--- Records for this exercise Enclosed Below ---

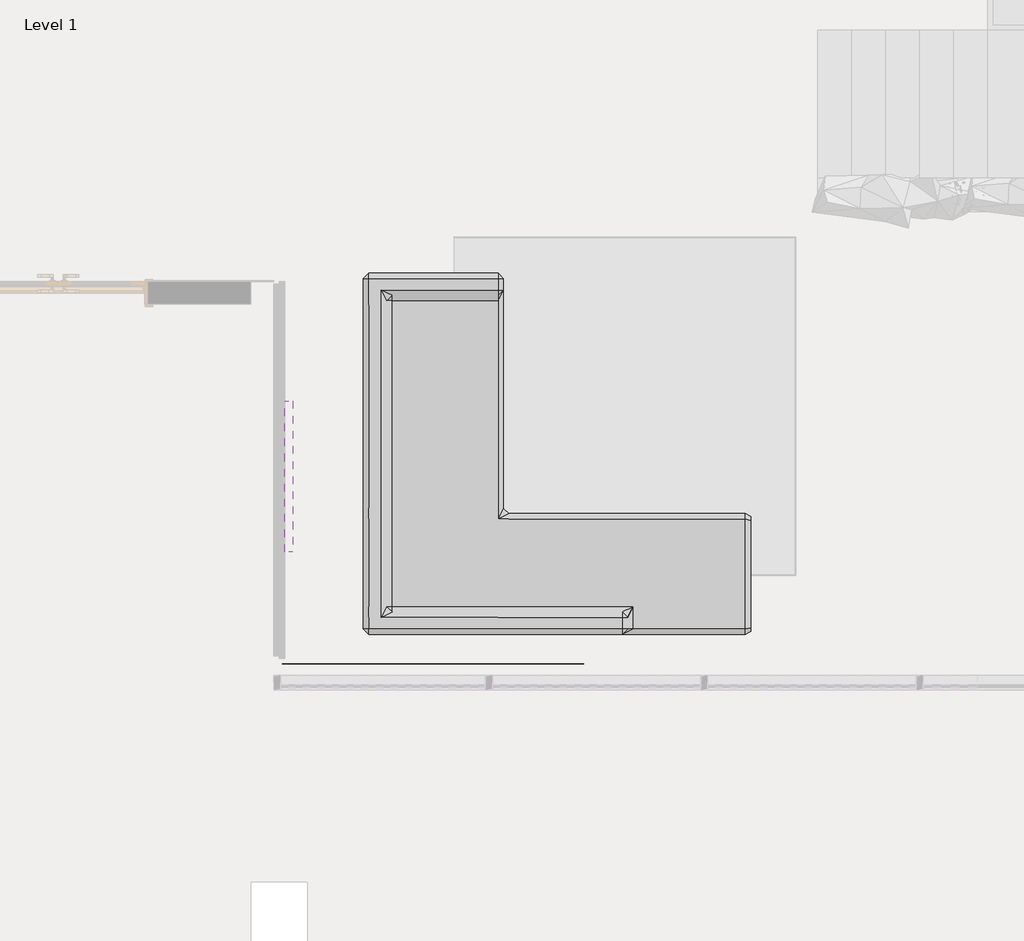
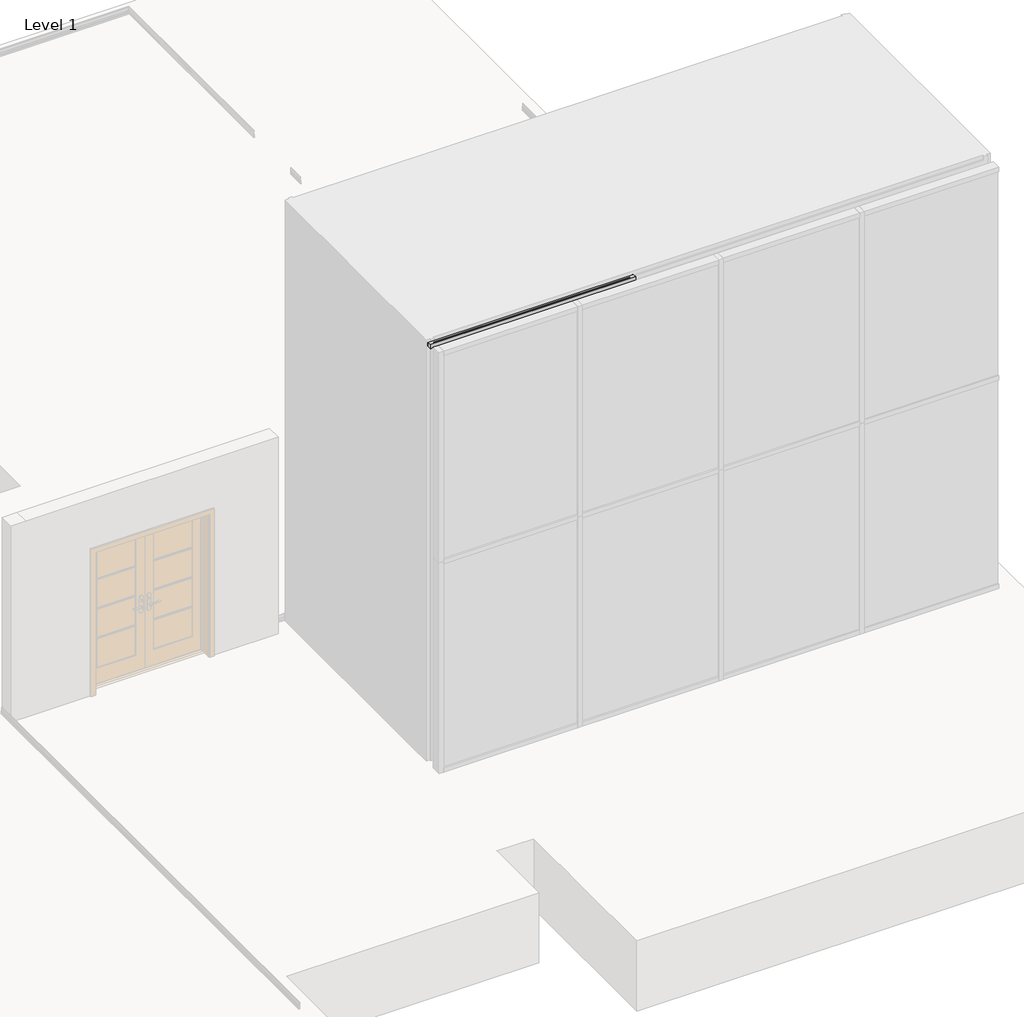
# One storey, part 4 of 6: 3 geographic elements.
"""IFC4 building model written with IfcOpenShell, lengths in millimetres."""

from ifc_helpers import new_model, si_unit, origin, place, context, project, spatial, transform, mapped, element, save
from components import enscape_assetdefinition_curtain_001_enscape_assetdefinition_2034166f, enscape_assetdefinition_framed_picture_003_enscape_f1a1e88f, enscape_assetdefinition_sofa_039_l_shape_enscape_ea6e479c

model = new_model("IFC4")

# Units and contexts
model_context = context("Model", 3, world=origin())
ifc_project = project(units=[si_unit("LENGTHUNIT", "METRE", prefix="MILLI")], contexts=[model_context])

# Site, building, storey
site = spatial("IfcSite", under=ifc_project)
building = spatial("IfcBuilding", under=site)
storey = spatial("IfcBuildingStorey", under=building, Name="Level 1", Elevation=1000.0)

# Geographic elements
placement = place(None, origin())
enscape_assetdefinition_curtain_001_enscape_assetdefinition_shape = enscape_assetdefinition_curtain_001_enscape_assetdefinition_2034166f(model_context)
element("IfcGeographicElement", 1, ObjectType="Enscape AssetDefinition - Curtain 001 : Enscape AssetDefinition - Curtain 001 2", at=placement, inside=storey, context=model_context, shape_type="MappedRepresentation", body=[
    mapped(enscape_assetdefinition_curtain_001_enscape_assetdefinition_shape, transform((18343.1337784, 2134.720421, 1000.0), x_axis=(1.0, 0.0, 0.0), y_axis=(0.0, 1.0, 0.0), z_axis=(0.0, 0.0, 1.0))),
])
enscape_assetdefinition_framed_picture_003_enscape_shape = enscape_assetdefinition_framed_picture_003_enscape_f1a1e88f(model_context)
element("IfcGeographicElement", 2, ObjectType="Enscape AssetDefinition - Framed Picture 003 : Enscape AssetDefinition - Framed Picture 003 2", at=placement, inside=storey, context=model_context, shape_type="MappedRepresentation", body=[
    mapped(enscape_assetdefinition_framed_picture_003_enscape_shape, transform((17043.1337784, 3747.3763892, 2670.9549219), x_axis=(0.0, 1.0, 0.0), y_axis=(-1.0, 0.0, 0.0), z_axis=(0.0, 0.0, 1.0))),
])
enscape_assetdefinition_sofa_039_l_shape_enscape_shape = enscape_assetdefinition_sofa_039_l_shape_enscape_ea6e479c(model_context)
element("IfcGeographicElement", 3, ObjectType="Enscape AssetDefinition - Sofa 039 L-Shape : Enscape AssetDefinition - Sofa 039 L-Shape", at=placement, inside=storey, context=model_context, shape_type="MappedRepresentation", body=[
    mapped(enscape_assetdefinition_sofa_039_l_shape_enscape_shape, transform((19538.1337784, 3607.8321125, 1000.0), x_axis=(-1.0, 0.0, 0.0), y_axis=(0.0, -1.0, 0.0), z_axis=(0.0, 0.0, 1.0))),
])

save(model, "model.ifc")

--- End of Enclosed Records for this exercise ---

→ **Exercise aim**
Apart from the pictures, all of the data should be repeated exactly.

→ **Result of the task**
# One storey, part 4 of 6: 3 geographic elements.
"""IFC4 building model written with IfcOpenShell, lengths in millimetres."""

from ifc_helpers import new_model, si_unit, origin, place, context, project, spatial, transform, mapped, element, save
from components import enscape_assetdefinition_curtain_001_enscape_assetdefinition_2034166f, enscape_assetdefinition_framed_picture_003_enscape_f1a1e88f, enscape_assetdefinition_sofa_039_l_shape_enscape_ea6e479c

model = new_model("IFC4")

# Units and contexts
model_context = context("Model", 3, world=origin())
ifc_project = project(units=[si_unit("LENGTHUNIT", "METRE", prefix="MILLI")], contexts=[model_context])

# Site, building, storey
site = spatial("IfcSite", under=ifc_project)
building = spatial("IfcBuilding", under=site)
storey = spatial("IfcBuildingStorey", under=building, Name="Level 1", Elevation=1000.0)

# Geographic elements
placement = place(None, origin())
enscape_assetdefinition_curtain_001_enscape_assetdefinition_shape = enscape_assetdefinition_curtain_001_enscape_assetdefinition_2034166f(model_context)
element("IfcGeographicElement", 1, ObjectType="Enscape AssetDefinition - Curtain 001 : Enscape AssetDefinition - Curtain 001 2", at=placement, inside=storey, context=model_context, shape_type="MappedRepresentation", body=[
    mapped(enscape_assetdefinition_curtain_001_enscape_assetdefinition_shape, transform((18343.1337784, 2134.720421, 1000.0), x_axis=(1.0, 0.0, 0.0), y_axis=(0.0, 1.0, 0.0), z_axis=(0.0, 0.0, 1.0))),
])
enscape_assetdefinition_framed_picture_003_enscape_shape = enscape_assetdefinition_framed_picture_003_enscape_f1a1e88f(model_context)
element("IfcGeographicElement", 2, ObjectType="Enscape AssetDefinition - Framed Picture 003 : Enscape AssetDefinition - Framed Picture 003 2", at=placement, inside=storey, context=model_context, shape_type="MappedRepresentation", body=[
    mapped(enscape_assetdefinition_framed_picture_003_enscape_shape, transform((17043.1337784, 3747.3763892, 2670.9549219), x_axis=(0.0, 1.0, 0.0), y_axis=(-1.0, 0.0, 0.0), z_axis=(0.0, 0.0, 1.0))),
])
enscape_assetdefinition_sofa_039_l_shape_enscape_shape = enscape_assetdefinition_sofa_039_l_shape_enscape_ea6e479c(model_context)
element("IfcGeographicElement", 3, ObjectType="Enscape AssetDefinition - Sofa 039 L-Shape : Enscape AssetDefinition - Sofa 039 L-Shape", at=placement, inside=storey, context=model_context, shape_type="MappedRepresentation", body=[
    mapped(enscape_assetdefinition_sofa_039_l_shape_enscape_shape, transform((19538.1337784, 3607.8321125, 1000.0), x_axis=(-1.0, 0.0, 0.0), y_axis=(0.0, -1.0, 0.0), z_axis=(0.0, 0.0, 1.0))),
])

save(model, "model.ifc")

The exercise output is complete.